Work request: When you reach the line containing "#6508 = VECTOR ( 'NONE', #32309, 1000. ) ;" in the records below, start copying exactly, and stop once you have copied the line containing "#14329 = DIRECTION".

Material for the task:

▶

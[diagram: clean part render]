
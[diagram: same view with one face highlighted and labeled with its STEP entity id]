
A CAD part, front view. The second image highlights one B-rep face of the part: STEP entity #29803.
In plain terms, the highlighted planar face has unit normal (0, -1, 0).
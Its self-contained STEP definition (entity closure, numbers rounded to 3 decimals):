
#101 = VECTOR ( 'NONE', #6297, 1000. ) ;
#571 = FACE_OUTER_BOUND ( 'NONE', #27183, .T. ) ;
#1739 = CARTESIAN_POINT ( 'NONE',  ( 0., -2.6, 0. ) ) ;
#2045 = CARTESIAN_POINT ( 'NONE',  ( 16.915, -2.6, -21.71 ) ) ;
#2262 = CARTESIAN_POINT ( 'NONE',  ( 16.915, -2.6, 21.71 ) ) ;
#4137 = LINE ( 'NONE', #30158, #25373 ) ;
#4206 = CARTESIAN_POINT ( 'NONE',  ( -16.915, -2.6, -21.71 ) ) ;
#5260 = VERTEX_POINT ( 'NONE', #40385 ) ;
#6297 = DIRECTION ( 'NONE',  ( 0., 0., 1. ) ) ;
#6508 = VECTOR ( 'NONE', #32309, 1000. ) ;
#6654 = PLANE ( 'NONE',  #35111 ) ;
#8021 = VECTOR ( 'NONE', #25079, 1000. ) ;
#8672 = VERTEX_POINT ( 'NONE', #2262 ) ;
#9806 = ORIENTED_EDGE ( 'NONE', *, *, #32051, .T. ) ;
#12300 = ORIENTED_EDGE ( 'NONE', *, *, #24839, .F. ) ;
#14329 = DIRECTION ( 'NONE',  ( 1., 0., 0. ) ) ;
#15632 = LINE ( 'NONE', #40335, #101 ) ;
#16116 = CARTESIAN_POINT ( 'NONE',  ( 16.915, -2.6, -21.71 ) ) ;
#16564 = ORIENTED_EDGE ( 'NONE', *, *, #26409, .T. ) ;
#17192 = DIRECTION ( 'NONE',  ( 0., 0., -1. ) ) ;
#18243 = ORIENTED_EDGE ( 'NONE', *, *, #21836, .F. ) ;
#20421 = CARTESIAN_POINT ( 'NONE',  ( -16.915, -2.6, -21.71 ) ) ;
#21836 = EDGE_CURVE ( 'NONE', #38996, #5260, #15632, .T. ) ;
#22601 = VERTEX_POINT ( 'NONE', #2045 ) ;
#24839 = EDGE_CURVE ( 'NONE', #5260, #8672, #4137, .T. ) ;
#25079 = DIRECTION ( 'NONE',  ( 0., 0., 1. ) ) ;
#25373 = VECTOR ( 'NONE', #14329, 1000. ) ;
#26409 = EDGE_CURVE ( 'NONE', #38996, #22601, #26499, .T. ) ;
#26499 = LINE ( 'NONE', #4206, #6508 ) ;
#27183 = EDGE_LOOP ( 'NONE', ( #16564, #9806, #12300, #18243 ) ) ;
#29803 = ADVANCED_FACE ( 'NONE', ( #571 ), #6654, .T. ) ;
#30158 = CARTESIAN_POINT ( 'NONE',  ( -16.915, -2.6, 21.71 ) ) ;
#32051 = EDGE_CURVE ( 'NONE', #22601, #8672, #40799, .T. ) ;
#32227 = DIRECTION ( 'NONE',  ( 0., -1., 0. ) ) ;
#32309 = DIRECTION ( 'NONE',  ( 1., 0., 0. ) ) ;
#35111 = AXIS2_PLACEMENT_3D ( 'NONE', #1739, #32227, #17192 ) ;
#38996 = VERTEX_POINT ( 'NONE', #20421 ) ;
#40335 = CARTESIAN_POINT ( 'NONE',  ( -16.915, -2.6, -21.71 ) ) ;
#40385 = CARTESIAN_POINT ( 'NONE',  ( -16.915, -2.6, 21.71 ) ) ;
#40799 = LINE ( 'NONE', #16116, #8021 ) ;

◀

Solution for this task:
#6508 = VECTOR ( 'NONE', #32309, 1000. ) ;
#6654 = PLANE ( 'NONE',  #35111 ) ;
#8021 = VECTOR ( 'NONE', #25079, 1000. ) ;
#8672 = VERTEX_POINT ( 'NONE', #2262 ) ;
#9806 = ORIENTED_EDGE ( 'NONE', *, *, #32051, .T. ) ;
#12300 = ORIENTED_EDGE ( 'NONE', *, *, #24839, .F. ) ;
#14329 = DIRECTION ( 'NONE',  ( 1., 0., 0. ) ) ;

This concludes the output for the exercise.